## WORK REQUEST
Copy out each line below that has the word "points" in it.

----

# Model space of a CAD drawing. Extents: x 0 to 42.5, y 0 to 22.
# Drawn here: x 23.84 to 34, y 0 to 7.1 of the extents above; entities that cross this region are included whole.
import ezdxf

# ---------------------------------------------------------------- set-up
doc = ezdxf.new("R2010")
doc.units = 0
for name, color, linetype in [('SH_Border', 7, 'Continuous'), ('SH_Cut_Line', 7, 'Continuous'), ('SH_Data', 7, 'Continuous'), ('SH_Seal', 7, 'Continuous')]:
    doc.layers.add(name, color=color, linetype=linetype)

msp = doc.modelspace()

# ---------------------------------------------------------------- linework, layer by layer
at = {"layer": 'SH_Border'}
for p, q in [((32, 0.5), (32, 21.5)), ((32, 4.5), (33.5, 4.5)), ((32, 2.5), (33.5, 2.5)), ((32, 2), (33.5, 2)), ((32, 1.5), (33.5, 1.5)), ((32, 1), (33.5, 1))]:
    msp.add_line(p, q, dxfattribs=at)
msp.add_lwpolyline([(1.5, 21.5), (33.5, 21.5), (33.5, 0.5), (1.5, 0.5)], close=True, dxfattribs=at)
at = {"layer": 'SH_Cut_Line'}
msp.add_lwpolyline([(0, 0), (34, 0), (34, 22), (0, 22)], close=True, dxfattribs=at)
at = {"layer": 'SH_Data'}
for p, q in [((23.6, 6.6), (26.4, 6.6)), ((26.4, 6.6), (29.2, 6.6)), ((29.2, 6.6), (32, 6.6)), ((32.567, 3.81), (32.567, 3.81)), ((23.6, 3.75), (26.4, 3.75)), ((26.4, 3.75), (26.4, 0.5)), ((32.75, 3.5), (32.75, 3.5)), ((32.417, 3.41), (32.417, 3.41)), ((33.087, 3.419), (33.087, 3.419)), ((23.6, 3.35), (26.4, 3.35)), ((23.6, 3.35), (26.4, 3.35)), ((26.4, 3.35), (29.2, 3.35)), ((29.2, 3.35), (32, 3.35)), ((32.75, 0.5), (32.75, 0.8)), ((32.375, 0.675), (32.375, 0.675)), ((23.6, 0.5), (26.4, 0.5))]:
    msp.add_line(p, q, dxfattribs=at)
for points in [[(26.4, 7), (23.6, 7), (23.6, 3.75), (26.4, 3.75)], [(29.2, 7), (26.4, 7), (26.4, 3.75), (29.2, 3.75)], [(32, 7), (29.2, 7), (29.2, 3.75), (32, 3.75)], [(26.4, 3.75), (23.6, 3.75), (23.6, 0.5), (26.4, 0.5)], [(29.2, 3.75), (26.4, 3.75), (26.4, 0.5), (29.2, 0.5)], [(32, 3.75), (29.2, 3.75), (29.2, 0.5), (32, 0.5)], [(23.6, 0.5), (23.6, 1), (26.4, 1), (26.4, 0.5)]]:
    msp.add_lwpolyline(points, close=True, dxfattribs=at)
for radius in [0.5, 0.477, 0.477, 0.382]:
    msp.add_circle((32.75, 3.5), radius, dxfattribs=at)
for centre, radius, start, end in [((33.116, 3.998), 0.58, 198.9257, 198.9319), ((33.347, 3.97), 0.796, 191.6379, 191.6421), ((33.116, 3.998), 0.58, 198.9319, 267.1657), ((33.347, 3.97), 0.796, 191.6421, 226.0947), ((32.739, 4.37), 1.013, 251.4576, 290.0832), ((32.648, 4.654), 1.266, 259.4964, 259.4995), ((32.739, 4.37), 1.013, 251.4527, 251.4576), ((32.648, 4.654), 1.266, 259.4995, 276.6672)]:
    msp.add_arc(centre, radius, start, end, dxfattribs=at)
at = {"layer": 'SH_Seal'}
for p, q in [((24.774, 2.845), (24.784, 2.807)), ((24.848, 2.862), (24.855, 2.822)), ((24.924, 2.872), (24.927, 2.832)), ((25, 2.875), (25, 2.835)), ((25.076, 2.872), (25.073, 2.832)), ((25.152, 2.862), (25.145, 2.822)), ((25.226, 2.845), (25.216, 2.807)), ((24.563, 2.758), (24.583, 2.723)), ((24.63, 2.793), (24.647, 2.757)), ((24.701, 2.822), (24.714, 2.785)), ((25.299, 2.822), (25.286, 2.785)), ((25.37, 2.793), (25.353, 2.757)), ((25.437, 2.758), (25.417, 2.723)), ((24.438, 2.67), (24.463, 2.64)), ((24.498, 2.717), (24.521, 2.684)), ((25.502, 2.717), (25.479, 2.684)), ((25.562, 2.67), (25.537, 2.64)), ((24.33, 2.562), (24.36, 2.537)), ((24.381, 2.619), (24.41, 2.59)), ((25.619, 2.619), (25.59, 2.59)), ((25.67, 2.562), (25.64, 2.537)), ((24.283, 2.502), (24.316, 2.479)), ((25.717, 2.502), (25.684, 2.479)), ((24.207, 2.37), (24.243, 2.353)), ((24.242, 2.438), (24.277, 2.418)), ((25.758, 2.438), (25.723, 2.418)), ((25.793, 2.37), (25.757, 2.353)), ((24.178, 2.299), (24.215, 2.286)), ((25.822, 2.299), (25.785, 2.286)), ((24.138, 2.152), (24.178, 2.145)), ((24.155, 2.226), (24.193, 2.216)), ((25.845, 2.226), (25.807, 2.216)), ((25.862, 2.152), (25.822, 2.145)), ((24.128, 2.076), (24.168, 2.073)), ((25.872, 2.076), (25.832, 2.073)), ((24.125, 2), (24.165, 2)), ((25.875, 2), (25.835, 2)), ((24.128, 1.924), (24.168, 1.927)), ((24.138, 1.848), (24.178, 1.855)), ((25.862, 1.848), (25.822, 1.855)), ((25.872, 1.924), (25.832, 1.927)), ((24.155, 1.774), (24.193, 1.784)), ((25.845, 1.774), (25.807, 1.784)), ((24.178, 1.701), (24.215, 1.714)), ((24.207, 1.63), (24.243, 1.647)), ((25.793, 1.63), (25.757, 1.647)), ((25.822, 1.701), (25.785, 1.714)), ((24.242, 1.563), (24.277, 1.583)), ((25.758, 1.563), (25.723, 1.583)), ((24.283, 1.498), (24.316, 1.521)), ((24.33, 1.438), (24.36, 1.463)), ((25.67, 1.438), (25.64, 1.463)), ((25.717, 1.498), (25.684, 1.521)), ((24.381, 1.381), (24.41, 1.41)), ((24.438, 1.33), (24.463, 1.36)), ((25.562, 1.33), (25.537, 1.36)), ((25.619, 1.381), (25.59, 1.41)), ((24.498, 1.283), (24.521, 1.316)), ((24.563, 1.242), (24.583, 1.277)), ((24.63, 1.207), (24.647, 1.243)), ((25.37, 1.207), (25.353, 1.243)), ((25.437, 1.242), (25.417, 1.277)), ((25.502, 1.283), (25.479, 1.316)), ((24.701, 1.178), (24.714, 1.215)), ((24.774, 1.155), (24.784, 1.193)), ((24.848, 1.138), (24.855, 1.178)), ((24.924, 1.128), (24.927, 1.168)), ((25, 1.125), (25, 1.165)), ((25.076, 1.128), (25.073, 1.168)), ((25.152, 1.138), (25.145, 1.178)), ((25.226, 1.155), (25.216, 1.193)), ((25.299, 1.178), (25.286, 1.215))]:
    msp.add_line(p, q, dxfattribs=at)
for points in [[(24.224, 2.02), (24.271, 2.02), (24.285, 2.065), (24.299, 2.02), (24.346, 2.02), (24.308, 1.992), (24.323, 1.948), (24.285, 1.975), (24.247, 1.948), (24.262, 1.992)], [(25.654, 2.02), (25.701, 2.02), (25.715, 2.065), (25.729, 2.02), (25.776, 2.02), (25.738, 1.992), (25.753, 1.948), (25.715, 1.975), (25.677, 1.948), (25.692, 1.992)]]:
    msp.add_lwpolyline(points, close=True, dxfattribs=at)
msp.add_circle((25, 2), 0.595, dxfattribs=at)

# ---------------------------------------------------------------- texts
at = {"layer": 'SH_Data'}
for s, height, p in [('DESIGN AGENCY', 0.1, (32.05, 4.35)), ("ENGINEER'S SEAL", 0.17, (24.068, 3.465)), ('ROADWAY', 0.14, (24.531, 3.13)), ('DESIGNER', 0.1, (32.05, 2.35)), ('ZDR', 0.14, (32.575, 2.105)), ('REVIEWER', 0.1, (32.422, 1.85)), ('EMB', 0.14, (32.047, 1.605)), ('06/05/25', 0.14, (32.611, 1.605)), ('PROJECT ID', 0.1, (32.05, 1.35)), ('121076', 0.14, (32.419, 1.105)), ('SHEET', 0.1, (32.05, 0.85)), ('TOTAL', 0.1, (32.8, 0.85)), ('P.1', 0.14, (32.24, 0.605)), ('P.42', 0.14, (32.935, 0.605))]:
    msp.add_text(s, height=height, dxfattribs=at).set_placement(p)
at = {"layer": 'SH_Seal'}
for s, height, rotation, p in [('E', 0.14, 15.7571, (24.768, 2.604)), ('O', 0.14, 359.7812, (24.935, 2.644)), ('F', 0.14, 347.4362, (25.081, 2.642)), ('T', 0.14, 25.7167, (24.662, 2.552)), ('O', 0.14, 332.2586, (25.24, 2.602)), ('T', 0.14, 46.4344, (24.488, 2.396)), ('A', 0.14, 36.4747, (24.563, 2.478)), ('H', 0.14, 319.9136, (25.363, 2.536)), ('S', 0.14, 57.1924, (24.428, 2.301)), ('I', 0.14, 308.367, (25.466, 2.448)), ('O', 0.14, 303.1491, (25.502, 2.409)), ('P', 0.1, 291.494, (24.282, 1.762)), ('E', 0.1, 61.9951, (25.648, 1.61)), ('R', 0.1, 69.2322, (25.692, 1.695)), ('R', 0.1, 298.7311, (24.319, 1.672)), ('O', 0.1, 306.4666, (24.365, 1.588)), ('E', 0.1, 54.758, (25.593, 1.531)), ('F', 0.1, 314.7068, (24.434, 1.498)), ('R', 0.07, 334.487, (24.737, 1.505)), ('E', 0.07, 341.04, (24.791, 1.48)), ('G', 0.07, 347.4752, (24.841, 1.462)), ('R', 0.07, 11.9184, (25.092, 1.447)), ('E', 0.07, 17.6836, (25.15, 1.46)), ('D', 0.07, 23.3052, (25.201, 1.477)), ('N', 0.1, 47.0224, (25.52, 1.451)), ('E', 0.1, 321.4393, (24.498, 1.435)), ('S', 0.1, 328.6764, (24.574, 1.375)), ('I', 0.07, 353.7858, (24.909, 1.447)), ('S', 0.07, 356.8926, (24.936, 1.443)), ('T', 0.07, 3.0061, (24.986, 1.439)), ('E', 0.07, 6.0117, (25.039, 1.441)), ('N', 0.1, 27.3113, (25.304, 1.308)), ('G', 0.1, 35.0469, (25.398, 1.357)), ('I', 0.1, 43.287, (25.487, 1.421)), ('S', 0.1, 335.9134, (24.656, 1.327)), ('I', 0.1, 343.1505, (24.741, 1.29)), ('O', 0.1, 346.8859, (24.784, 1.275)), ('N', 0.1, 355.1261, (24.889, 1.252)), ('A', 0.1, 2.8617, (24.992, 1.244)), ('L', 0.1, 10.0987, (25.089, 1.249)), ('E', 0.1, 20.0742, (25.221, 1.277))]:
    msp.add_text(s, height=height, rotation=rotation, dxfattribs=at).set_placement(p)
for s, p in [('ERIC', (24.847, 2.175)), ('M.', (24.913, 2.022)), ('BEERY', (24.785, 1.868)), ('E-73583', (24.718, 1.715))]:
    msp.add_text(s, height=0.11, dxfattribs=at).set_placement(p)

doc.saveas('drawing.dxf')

----

## RESULT OF THIS EXERCISE
for points in [[(26.4, 7), (23.6, 7), (23.6, 3.75), (26.4, 3.75)], [(29.2, 7), (26.4, 7), (26.4, 3.75), (29.2, 3.75)], [(32, 7), (29.2, 7), (29.2, 3.75), (32, 3.75)], [(26.4, 3.75), (23.6, 3.75), (23.6, 0.5), (26.4, 0.5)], [(29.2, 3.75), (26.4, 3.75), (26.4, 0.5), (29.2, 0.5)], [(32, 3.75), (29.2, 3.75), (29.2, 0.5), (32, 0.5)], [(23.6, 0.5), (23.6, 1), (26.4, 1), (26.4, 0.5)]]:
    msp.add_lwpolyline(points, close=True, dxfattribs=at)
for points in [[(24.224, 2.02), (24.271, 2.02), (24.285, 2.065), (24.299, 2.02), (24.346, 2.02), (24.308, 1.992), (24.323, 1.948), (24.285, 1.975), (24.247, 1.948), (24.262, 1.992)], [(25.654, 2.02), (25.701, 2.02), (25.715, 2.065), (25.729, 2.02), (25.776, 2.02), (25.738, 1.992), (25.753, 1.948), (25.715, 1.975), (25.677, 1.948), (25.692, 1.992)]]:
    msp.add_lwpolyline(points, close=True, dxfattribs=at)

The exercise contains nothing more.